Below are records; transcribe only the line with "Engineering drawing of a manufactured part, from" and those after it, through the last line, without any change.

Collected data entries:

......

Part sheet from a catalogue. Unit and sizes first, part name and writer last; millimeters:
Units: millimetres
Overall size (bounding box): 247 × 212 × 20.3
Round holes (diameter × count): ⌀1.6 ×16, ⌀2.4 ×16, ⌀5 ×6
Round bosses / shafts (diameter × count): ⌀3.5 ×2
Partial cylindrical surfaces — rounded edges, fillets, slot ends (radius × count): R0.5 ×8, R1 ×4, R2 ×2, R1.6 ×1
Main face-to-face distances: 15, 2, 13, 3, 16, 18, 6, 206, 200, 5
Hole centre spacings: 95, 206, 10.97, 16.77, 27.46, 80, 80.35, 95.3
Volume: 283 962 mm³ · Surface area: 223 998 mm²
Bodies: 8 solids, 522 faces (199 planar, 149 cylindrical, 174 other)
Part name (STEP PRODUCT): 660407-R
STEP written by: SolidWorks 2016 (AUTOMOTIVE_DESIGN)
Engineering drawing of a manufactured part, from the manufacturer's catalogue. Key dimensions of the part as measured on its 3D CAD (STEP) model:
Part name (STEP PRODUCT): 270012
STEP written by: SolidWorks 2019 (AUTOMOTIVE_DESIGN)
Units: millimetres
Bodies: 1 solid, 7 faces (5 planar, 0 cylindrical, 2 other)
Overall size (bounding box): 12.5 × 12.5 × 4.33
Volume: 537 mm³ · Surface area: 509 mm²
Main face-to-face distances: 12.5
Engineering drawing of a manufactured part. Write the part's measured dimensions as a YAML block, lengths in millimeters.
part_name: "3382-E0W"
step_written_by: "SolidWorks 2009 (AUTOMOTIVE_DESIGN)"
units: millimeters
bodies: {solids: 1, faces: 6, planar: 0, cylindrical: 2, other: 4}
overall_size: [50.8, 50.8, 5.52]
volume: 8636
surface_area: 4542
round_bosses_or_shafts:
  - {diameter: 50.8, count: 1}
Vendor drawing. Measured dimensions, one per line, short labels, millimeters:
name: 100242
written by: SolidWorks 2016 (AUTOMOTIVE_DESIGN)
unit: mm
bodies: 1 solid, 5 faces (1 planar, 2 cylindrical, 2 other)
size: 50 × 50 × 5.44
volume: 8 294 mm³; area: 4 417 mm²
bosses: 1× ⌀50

......

* Answer box *
Engineering drawing of a manufactured part, from the manufacturer's catalogue. Key dimensions of the part as measured on its 3D CAD (STEP) model:
Part name (STEP PRODUCT): 270012
STEP written by: SolidWorks 2019 (AUTOMOTIVE_DESIGN)
Units: millimetres
Bodies: 1 solid, 7 faces (5 planar, 0 cylindrical, 2 other)
Overall size (bounding box): 12.5 × 12.5 × 4.33
Volume: 537 mm³ · Surface area: 509 mm²
Main face-to-face distances: 12.5
Engineering drawing of a manufactured part. Write the part's measured dimensions as a YAML block, lengths in millimeters.
part_name: "3382-E0W"
step_written_by: "SolidWorks 2009 (AUTOMOTIVE_DESIGN)"
units: millimeters
bodies: {solids: 1, faces: 6, planar: 0, cylindrical: 2, other: 4}
overall_size: [50.8, 50.8, 5.52]
volume: 8636
surface_area: 4542
round_bosses_or_shafts:
  - {diameter: 50.8, count: 1}
Vendor drawing. Measured dimensions, one per line, short labels, millimeters:
name: 100242
written by: SolidWorks 2016 (AUTOMOTIVE_DESIGN)
unit: mm
bodies: 1 solid, 5 faces (1 planar, 2 cylindrical, 2 other)
size: 50 × 50 × 5.44
volume: 8 294 mm³; area: 4 417 mm²
bosses: 1× ⌀50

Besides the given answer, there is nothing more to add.